Etanol: preços em movimentos distinto entre regiões

Segundo a Agência Nacional do Petróleo, Gás Natural e Biocombustíveis (ANP), nos últimos sete dias, os preços médios do etanol hidratado apresentam comportamento misto entre os Estados, com alta em dez Unidades da Federação, queda em outras dez e no Distrito Federal, e estabilidade em cinco Estados. No Amapá, não houve levantamento no período. O preço médio nacional registra recuo de 0,42% nos últimos sete dias, passando de R$ 4,72 por litro para R$ 4,70 por litro. Em São Paulo, principal referência do mercado, a queda é de 0,44%, com o valor atingindo R$ 4,52 por litro. Entre os destaques de alta, o Maranhão registra o maior avanço percentual, de 2,71%, com o preço passando de R$ 5,16 por litro para R$ 5,30 por litro.

Por outro lado, o Rio Grande do Norte apresenta a maior retração, de 4,44%, com recuo de R$ 5,85 por litro para R$ 5,59 por litro. A dispersão de preços ao consumidor permanece significativa. O menor valor observado em postos é de R$ 3,69 por litro, em São Paulo, enquanto o maior atinge R$ 6,60 por litro, no Acre. No recorte por médias estaduais, Mato Grosso do Sul apresenta o menor preço médio, de R$ 4,44 por litro, ao passo que Rondônia registra o maior, de R$ 5,70 por litro. O cenário indica um mercado ainda ajustando preços em meio às condições regionais de oferta e demanda, com variações pontuais e sem tendência uniforme no curto prazo. Nos últimos sete dias, o etanol hidratado mantém competitividade em relação à gasolina em apenas cinco Estados: Mato Grosso, Mato Grosso do Sul, Paraná, Roraima e São Paulo.
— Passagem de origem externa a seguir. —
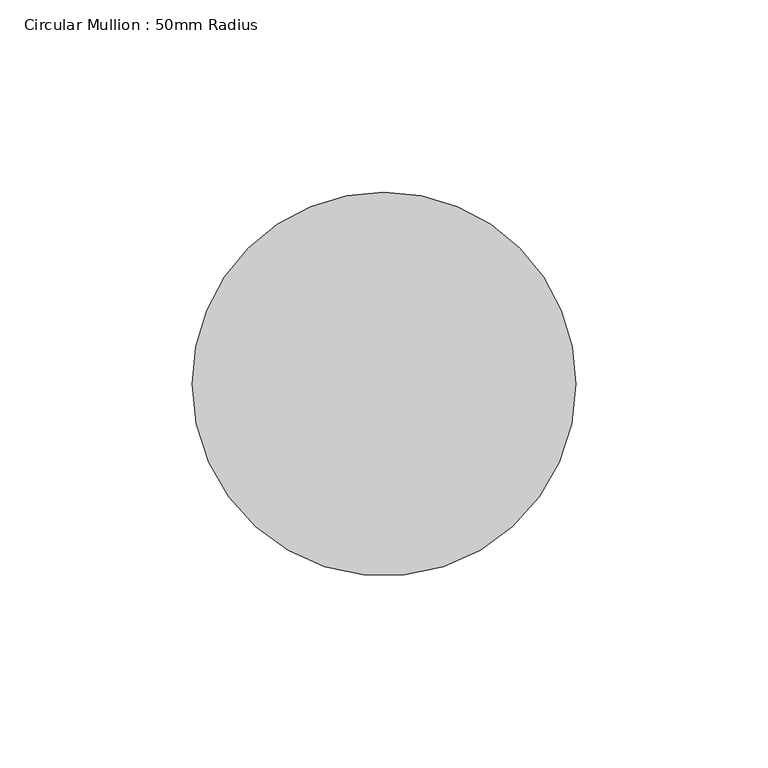
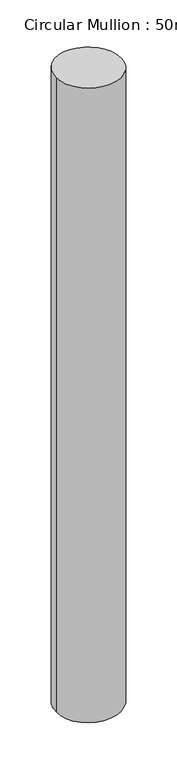
"""IFC4 building model written with IfcOpenShell, lengths in millimetres: member geometry, Circular Mullion : 50mm Radius."""

from ifc_helpers import new_model, si_unit, frame, origin, place, context, project, spatial, ellipse_curve, source, transform, mapped, element, save
from ifc_brep_helpers import plane_surface, cylinder_surface, advanced_brep


def circular_mullion_50mm_radius_98ae6d3a(model_context):
    return source(origin(), model_context, "Body", "AdvancedBrep", [
        advanced_brep(
        [(-100.0, 0.0, 2.1476675), (0.0, 0.0, 0.0), (0.0, 0.0, -1032.2495704), (-100.0, 0.0, -1034.3390242)],
        [
            (0, 1, ellipse_curve(frame((-50.0, 0.0, 1.0738337), z_axis=(-0.021466550257719808, -0.021949809729911254, -0.999528585420574), x_axis=(-0.6988631848040531, -0.71459613908724, 0.03070190429185324)), 50.0235818, 50.0)),
            (1, 2),
            (2, 3, ellipse_curve(frame((-50.0, 0.0, -1033.2942973), z_axis=(-0.020885214180050005, -0.021355386492789397, 0.9995537780912027), x_axis=(0.6988807993378675, 0.7146141501630517, 0.029870465406525937)), 50.0223211, 50.0)),
            (3, 0),
            (1, 0, ellipse_curve(frame((-50.0, 0.0, 1.0738337), z_axis=(-0.021466550257719808, -0.021949809729911254, -0.999528585420574), x_axis=(-0.6988631848040531, -0.71459613908724, 0.03070190429185324)), 50.0235818, 50.0)),
            (3, 2, ellipse_curve(frame((-50.0, 0.0, -1033.2942973), z_axis=(-0.020885214180050005, -0.021355386492789397, 0.9995537780912027), x_axis=(0.6988807993378675, 0.7146141501630517, 0.029870465406525937)), 50.0223211, 50.0)),
        ],
        [
            cylinder_surface(frame((-50.0, 0.0, 0.0), z_axis=(0.0, 0.0, 1.0), x_axis=(1.0, 0.0, 0.0)), 50.0),
            plane_surface(frame((-217.9116299, 213.1139638, 0.0), z_axis=(0.021466550257719808, 0.021949809729911254, 0.999528585420574), x_axis=(0.6988631848040535, 0.7145961390872393, -0.030701904291859764))),
            plane_surface(frame((-217.9116299, 213.1139638, -1032.2495704), z_axis=(0.020885214180050005, 0.021355386492789397, -0.9995537780912027), x_axis=(0.6988807993378674, 0.7146141501630517, 0.029870465406534485))),
        ],
        [
            (0, [[1, 2, 3, 4]]),
            (0, [[5, -4, 6, -2]]),
            (1, [[-1, -5]]),
            (2, [[-6, -3]]),
        ],
    ),
    ])


if __name__ == "__main__":
    model = new_model("IFC4")
    model_context = context("Model", 3, world=origin())
    ifc_project = project(units=[si_unit("LENGTHUNIT", "METRE", prefix="MILLI")], contexts=[model_context])
    site = spatial("IfcSite", under=ifc_project)
    building = spatial("IfcBuilding", under=site)
    placement = place(None, origin())
    circular_mullion_50mm_radius_shape = circular_mullion_50mm_radius_98ae6d3a(model_context)
    element("IfcMember", 1, ObjectType="Circular Mullion : 50mm Radius", at=placement, inside=building, context=model_context, shape_type="MappedRepresentation", body=[
        mapped(circular_mullion_50mm_radius_shape, transform((0.0, 0.0, 0.0), x_axis=(1.0, 0.0, 0.0), y_axis=(0.0, 1.0, 0.0), z_axis=(0.0, 0.0, 1.0))),
    ])
    save(model, "model.ifc")

# Revit data of these elements
# Type "Circular Mullion : 50mm Radius"
#   built-in parameter 1007350 = 0.164042 (stored number, unit not read)
# Element 1 (IfcMember, "Circular Mullion : 50mm Radius")
#   Materials on its faces: "Aluminium"
# Materials
#   "Aluminium": class "Metal", colour RGB 247 247 247, transparency 0, Description = "Aluminium 6061", Cost = 0
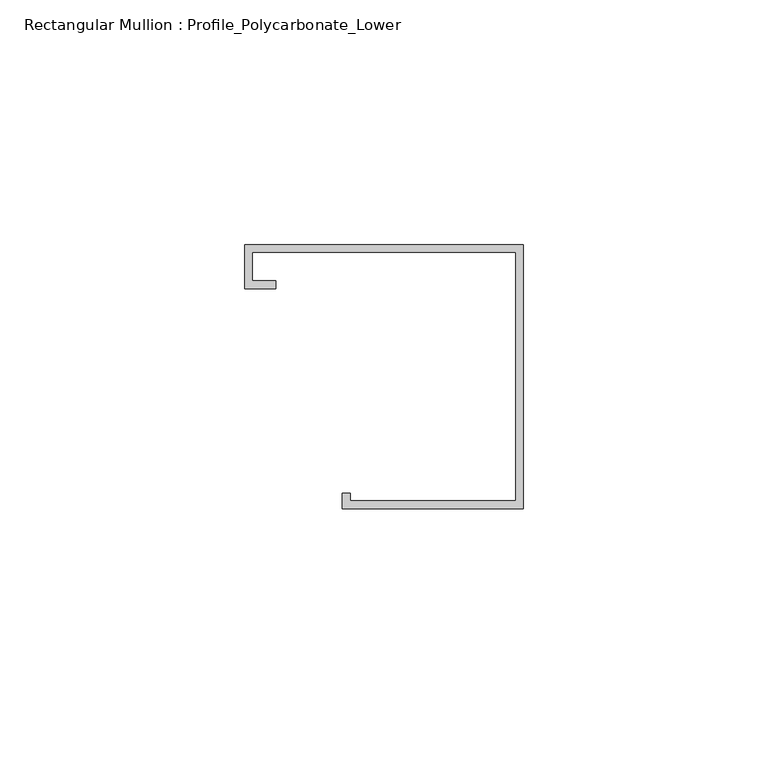
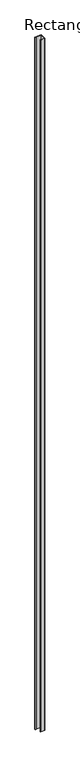
"""IFC4 building model written with IfcOpenShell, lengths in millimetres: member geometry, Rectangular Mullion : Profile_Polycarbonate_Lower."""

from ifc_helpers import new_model, si_unit, frame, origin, place, context, project, spatial, polyline, outline, extrude, source, transform, mapped, element, save


def rectangular_mullion_profile_polycarbonate_lower_7a4440f0(model_context):
    return source(origin(), model_context, "Body", "SweptSolid", [
        extrude(outline(polyline([(0.0, 28.984575), (0.0, -25.015825), (-36.9824, -25.015825), (-36.9824, -21.840825), (-35.3949, -21.840825), (-35.3949, -23.428325), (-1.5875, -23.428325), (-1.5875, 27.397075), (-55.4101, 27.397075), (-55.4101, 21.580475), (-50.6476, 21.580475), (-50.6476, 19.992975), (-56.9976, 19.992975), (-56.9976, 28.984575), (0.0, 28.984575)])), frame((0.0, 0.0, -6533.1757712), z_axis=(0.0, 0.0, 1.0), x_axis=(1.0, 0.0, 0.0)), (0.0, 0.0, 1.0), 6533.1757712),
    ])


if __name__ == "__main__":
    model = new_model("IFC4")
    model_context = context("Model", 3, world=origin())
    ifc_project = project(units=[si_unit("LENGTHUNIT", "METRE", prefix="MILLI")], contexts=[model_context])
    site = spatial("IfcSite", under=ifc_project)
    building = spatial("IfcBuilding", under=site)
    placement = place(None, origin())
    rectangular_mullion_profile_polycarbonate_lower_shape = rectangular_mullion_profile_polycarbonate_lower_7a4440f0(model_context)
    element("IfcMember", 1, ObjectType="Rectangular Mullion : Profile_Polycarbonate_Lower", at=placement, inside=building, context=model_context, shape_type="MappedRepresentation", body=[
        mapped(rectangular_mullion_profile_polycarbonate_lower_shape, transform((0.0, 0.0, 0.0), x_axis=(1.0, 0.0, 0.0), y_axis=(0.0, 1.0, 0.0), z_axis=(0.0, 0.0, 1.0))),
    ])
    save(model, "model.ifc")

# Revit data of these elements
# Type "Rectangular Mullion : Profile_Polycarbonate_Lower"
#   built-in parameter 1007322 = 0.177167 (stored number, unit not read)
#   built-in parameter 1007321 = 0 (stored number, unit not read)
#   built-in parameter 1007320 = 0.00520833 (stored number, unit not read)

Na média nacional, a paridade entre o etanol e a gasolina é 69,32%, nível considerado favorável ao biocombustível na comparação direta com o derivado do petróleo. Ainda assim, o indicador mostra que a competitividade segue limitada em grande parte do País. Entre os Estados onde o etanol apresenta melhor relação de preços, a paridade é de 68,44% em Mato Grosso, 68,10% em Mato Grosso do Sul, 69,55% no Paraná, 69,87% em Roraima e 67,56% em São Paulo. Apesar do parâmetro tradicional de até 70% para viabilidade econômica, a competitividade do etanol pode se estender a níveis superiores, dependendo da eficiência energética dos veículos, o que pode ampliar sua atratividade em determinados contextos. O cenário indica que, embora ainda competitivo em regiões-chave, o etanol enfrenta limitações para ampliar sua participação frente à gasolina no curto prazo. Fonte: Broadcast Agro. Adaptado por Cogo Inteligência em Agronegócio.